Report how many lines in the data include the string "IfcBuildingElementProxy", and add nothing else.

(PROVIDED MATERIAL begins)

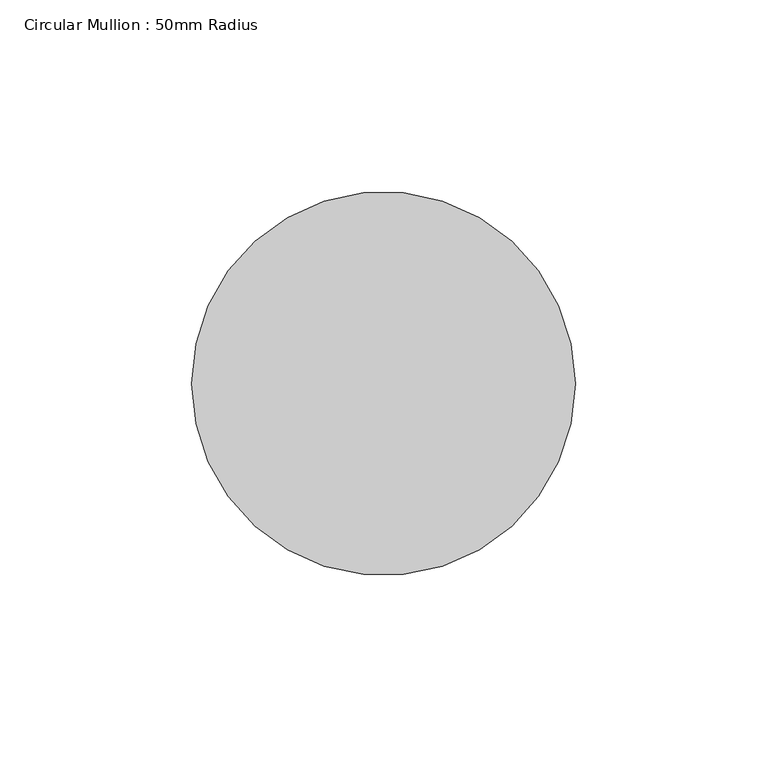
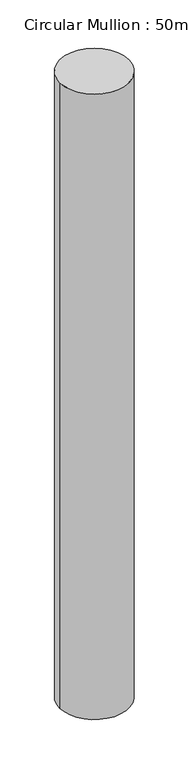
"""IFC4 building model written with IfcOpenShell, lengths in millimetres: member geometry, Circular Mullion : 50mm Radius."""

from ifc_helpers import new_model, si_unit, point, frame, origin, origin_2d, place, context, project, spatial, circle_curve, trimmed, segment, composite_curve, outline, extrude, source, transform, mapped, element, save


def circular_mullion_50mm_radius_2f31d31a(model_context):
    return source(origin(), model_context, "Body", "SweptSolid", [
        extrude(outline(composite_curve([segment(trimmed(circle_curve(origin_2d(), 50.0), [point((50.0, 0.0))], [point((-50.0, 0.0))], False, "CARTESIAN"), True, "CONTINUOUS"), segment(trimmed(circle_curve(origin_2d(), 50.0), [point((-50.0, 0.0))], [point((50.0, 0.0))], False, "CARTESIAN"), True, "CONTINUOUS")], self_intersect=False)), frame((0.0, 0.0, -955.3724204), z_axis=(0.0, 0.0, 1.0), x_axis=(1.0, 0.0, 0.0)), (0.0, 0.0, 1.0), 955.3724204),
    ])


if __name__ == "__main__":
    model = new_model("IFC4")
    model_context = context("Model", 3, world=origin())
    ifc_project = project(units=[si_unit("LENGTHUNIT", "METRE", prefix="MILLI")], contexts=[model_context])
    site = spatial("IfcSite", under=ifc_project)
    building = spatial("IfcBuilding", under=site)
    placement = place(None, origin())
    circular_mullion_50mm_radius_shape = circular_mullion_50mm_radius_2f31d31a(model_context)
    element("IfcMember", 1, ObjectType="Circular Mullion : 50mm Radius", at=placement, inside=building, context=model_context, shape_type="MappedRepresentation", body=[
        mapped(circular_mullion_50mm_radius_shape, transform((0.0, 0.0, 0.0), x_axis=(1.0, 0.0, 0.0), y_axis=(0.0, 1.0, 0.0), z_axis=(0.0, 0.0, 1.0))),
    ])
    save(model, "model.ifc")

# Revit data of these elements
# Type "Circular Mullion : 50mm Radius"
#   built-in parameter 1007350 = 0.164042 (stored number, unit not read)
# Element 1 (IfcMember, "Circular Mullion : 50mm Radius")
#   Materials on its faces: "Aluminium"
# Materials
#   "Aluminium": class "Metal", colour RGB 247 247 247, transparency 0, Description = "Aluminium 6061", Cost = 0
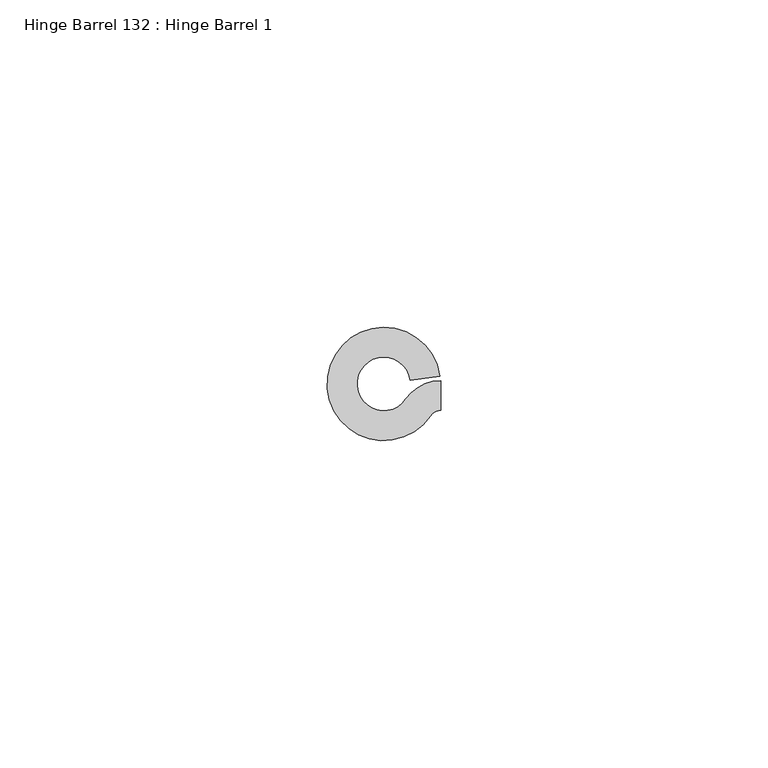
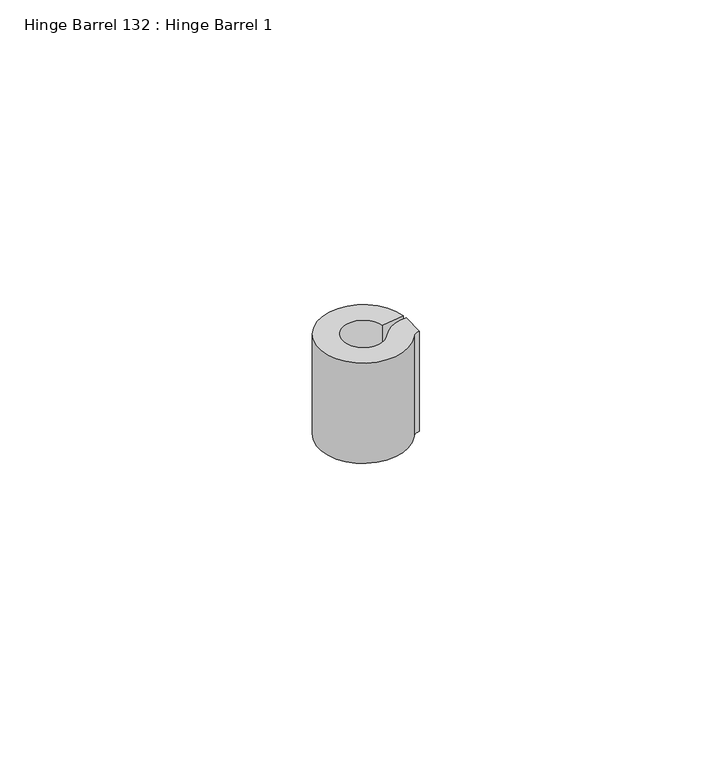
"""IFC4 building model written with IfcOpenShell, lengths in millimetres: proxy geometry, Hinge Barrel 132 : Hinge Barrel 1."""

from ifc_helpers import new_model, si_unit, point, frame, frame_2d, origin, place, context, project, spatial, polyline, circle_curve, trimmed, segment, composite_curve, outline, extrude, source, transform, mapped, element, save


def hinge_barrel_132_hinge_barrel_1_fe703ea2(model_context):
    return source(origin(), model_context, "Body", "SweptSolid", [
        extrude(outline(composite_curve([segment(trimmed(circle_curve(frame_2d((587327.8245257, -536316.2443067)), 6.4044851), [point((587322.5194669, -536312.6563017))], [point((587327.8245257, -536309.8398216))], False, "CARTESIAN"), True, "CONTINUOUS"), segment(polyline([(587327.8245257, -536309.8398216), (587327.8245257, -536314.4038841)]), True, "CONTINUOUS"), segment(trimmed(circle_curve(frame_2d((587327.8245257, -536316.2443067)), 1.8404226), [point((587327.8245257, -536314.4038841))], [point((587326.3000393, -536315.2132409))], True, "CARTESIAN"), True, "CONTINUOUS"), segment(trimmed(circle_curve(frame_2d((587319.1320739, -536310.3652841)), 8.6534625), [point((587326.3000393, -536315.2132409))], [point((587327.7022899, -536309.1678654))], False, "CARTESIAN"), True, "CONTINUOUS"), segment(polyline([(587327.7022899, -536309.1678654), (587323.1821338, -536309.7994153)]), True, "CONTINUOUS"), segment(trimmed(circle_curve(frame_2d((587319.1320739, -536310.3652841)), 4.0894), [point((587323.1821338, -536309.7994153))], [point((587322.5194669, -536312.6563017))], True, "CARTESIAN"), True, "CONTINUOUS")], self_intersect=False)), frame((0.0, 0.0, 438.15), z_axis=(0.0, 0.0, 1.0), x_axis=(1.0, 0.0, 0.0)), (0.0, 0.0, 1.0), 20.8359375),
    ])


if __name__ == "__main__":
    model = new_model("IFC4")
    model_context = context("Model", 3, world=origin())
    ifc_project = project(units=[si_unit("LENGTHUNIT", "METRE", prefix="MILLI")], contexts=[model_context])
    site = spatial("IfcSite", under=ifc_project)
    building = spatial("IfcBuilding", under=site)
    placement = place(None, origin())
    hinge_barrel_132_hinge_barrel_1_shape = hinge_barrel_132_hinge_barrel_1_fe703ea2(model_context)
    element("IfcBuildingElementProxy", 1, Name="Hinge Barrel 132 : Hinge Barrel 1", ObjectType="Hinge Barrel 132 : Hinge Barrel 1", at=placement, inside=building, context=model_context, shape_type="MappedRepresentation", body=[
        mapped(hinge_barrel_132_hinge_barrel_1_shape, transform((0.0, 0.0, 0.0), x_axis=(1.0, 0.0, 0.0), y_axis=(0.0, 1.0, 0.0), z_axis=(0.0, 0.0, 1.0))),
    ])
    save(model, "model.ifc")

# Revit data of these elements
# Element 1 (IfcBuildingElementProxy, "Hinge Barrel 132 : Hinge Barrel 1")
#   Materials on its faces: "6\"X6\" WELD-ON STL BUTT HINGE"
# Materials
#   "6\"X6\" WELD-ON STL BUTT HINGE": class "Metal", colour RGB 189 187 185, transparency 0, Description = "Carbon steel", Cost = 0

(PROVIDED MATERIAL ends)

* **REPLY TO THE EXERCISE**
2